> Your objective:
If a line in the entries below includes "lineweight", show that line.

Input for this task Block Start

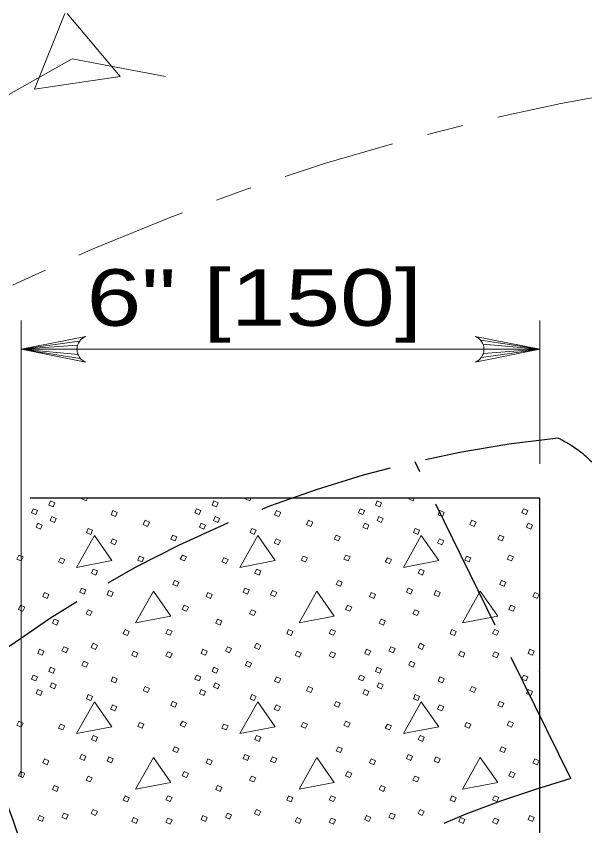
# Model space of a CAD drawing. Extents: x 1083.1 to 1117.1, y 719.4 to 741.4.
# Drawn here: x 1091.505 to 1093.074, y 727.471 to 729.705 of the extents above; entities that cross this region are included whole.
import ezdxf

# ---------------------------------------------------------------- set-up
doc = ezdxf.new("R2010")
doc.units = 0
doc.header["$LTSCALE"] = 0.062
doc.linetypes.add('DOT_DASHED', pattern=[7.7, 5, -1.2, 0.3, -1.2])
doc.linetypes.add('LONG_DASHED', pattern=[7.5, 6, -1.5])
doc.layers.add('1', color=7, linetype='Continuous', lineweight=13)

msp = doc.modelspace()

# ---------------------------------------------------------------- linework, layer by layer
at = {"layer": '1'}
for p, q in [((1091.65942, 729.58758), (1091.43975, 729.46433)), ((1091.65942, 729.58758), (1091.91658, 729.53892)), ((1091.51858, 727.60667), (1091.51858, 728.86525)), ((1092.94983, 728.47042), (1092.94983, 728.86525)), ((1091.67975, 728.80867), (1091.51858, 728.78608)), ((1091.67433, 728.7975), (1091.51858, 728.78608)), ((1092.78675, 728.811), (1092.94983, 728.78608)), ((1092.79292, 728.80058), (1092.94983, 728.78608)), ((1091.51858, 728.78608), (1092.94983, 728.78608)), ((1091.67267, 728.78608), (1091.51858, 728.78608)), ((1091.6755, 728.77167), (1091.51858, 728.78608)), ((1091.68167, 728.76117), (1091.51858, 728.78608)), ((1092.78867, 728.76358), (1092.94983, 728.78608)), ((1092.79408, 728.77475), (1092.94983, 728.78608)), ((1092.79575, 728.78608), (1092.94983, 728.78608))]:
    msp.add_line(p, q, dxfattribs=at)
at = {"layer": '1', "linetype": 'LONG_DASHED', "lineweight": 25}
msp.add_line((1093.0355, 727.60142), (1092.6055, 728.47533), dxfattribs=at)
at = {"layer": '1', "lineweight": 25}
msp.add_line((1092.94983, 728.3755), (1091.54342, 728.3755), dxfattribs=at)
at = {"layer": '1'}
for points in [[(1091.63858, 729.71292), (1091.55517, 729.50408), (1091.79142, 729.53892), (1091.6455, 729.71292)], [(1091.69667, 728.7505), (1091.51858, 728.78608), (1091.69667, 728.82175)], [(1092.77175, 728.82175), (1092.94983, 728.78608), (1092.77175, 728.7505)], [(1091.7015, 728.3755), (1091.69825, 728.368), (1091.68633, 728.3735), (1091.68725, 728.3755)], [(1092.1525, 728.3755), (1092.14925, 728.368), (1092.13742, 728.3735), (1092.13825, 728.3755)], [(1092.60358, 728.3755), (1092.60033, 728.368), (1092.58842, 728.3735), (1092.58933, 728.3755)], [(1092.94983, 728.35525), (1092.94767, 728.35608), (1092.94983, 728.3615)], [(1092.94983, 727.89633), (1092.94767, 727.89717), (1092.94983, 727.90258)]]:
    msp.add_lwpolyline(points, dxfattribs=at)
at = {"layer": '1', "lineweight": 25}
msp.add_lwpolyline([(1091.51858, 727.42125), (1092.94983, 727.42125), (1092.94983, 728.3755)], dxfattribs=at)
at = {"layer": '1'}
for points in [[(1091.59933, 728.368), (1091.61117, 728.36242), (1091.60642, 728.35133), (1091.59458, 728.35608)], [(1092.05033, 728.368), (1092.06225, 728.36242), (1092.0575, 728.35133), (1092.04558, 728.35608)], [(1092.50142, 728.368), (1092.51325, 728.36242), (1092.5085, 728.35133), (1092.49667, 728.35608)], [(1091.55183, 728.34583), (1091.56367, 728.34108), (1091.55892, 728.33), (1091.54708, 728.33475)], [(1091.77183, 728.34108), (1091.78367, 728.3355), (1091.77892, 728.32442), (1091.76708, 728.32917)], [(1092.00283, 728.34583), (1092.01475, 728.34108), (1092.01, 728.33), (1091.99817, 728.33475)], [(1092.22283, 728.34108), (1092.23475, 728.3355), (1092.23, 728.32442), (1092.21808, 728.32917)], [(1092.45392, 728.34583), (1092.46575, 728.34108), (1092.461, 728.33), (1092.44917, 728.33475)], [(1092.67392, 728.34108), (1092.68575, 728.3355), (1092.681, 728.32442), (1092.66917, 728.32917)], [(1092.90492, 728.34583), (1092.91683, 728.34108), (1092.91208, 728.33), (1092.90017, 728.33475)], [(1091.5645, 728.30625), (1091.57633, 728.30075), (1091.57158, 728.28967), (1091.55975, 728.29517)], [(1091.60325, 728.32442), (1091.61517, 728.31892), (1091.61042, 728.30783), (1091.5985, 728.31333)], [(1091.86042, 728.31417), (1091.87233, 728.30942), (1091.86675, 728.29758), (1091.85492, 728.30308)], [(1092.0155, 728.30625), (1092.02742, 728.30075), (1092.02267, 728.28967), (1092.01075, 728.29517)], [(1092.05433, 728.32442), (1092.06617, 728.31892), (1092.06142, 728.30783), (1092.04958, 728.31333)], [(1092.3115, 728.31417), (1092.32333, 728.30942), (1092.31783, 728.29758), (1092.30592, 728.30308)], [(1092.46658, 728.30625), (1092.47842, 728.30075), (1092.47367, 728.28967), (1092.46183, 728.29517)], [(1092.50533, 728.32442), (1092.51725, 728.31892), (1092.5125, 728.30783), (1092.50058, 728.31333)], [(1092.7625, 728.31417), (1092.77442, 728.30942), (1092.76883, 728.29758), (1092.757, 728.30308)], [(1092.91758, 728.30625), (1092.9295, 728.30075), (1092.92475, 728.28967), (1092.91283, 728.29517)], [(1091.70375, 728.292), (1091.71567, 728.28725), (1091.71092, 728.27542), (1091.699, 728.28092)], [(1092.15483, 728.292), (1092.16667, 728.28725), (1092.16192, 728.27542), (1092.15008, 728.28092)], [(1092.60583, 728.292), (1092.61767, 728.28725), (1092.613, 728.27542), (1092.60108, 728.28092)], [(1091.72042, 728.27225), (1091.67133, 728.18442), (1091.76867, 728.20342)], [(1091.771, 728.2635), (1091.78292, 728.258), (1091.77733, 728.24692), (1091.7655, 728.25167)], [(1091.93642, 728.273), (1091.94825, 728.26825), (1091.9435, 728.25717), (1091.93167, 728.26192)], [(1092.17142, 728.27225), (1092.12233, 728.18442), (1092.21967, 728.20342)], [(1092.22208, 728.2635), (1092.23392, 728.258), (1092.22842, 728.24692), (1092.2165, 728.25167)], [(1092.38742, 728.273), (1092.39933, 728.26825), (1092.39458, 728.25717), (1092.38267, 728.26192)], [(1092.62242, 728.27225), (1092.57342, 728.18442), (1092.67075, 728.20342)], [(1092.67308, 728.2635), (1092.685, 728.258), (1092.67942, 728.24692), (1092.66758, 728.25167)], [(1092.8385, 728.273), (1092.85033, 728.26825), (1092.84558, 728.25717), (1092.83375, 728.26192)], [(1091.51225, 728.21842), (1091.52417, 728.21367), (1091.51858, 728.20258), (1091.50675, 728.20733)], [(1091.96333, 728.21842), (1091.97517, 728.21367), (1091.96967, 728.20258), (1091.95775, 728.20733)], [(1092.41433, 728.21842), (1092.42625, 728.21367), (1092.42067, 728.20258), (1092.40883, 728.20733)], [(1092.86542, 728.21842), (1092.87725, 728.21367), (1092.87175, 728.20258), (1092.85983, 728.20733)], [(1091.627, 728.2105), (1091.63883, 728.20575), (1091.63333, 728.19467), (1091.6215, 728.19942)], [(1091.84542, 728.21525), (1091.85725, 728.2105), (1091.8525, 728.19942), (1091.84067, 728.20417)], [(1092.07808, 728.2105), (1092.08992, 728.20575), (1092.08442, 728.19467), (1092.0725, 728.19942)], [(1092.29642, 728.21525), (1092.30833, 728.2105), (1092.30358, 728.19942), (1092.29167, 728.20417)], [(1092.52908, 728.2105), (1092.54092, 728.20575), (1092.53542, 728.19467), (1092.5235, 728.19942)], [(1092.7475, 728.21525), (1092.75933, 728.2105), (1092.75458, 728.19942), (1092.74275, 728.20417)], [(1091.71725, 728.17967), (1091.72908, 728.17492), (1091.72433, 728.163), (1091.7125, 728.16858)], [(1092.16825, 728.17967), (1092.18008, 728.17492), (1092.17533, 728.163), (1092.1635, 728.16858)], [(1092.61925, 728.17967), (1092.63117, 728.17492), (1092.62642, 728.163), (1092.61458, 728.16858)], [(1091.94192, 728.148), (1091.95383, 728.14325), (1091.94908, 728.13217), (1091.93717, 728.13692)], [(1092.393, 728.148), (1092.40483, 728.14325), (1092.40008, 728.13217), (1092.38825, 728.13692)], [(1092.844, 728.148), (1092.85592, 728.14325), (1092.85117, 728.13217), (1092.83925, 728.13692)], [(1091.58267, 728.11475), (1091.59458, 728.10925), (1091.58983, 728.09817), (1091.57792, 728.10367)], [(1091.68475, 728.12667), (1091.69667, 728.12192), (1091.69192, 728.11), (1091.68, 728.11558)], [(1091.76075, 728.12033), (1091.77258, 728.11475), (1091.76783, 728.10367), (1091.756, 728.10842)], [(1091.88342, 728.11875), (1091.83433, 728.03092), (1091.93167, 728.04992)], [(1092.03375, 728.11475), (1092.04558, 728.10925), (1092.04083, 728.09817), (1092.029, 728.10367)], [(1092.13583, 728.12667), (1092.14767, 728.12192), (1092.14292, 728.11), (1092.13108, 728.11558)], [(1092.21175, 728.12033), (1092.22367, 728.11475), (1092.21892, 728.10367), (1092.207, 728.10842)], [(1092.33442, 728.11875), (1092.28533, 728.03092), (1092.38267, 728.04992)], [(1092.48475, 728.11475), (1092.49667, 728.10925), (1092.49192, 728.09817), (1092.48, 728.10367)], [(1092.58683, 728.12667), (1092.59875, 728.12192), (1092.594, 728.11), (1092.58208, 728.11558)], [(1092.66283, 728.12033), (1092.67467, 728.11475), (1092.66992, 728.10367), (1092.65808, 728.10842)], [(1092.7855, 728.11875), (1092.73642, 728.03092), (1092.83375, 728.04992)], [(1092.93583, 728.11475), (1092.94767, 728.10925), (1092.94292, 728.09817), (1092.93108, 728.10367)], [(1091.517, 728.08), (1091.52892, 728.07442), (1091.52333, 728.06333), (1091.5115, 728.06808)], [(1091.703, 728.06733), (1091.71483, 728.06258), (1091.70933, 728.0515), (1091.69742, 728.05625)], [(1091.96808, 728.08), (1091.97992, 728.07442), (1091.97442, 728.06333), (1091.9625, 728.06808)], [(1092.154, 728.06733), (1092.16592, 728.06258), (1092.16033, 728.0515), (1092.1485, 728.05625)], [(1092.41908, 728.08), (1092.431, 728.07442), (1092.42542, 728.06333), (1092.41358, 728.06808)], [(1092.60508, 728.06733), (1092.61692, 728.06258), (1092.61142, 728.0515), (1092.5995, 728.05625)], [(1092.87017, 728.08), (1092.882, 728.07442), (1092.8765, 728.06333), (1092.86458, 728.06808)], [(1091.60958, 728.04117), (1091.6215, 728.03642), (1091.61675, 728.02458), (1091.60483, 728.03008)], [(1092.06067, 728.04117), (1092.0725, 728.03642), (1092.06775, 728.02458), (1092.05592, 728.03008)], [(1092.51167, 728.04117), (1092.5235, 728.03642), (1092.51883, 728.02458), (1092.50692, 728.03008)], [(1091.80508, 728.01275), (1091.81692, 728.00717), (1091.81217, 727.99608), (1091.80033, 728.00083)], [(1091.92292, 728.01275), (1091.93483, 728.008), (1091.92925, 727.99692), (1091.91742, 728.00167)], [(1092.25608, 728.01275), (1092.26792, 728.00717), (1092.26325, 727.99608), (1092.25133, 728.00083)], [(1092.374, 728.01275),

Input for this task Block End

> Solution below:
doc.layers.add('1', color=7, linetype='Continuous', lineweight=13)
at = {"layer": '1', "linetype": 'LONG_DASHED', "lineweight": 25}
at = {"layer": '1', "lineweight": 25}
at = {"layer": '1', "lineweight": 25}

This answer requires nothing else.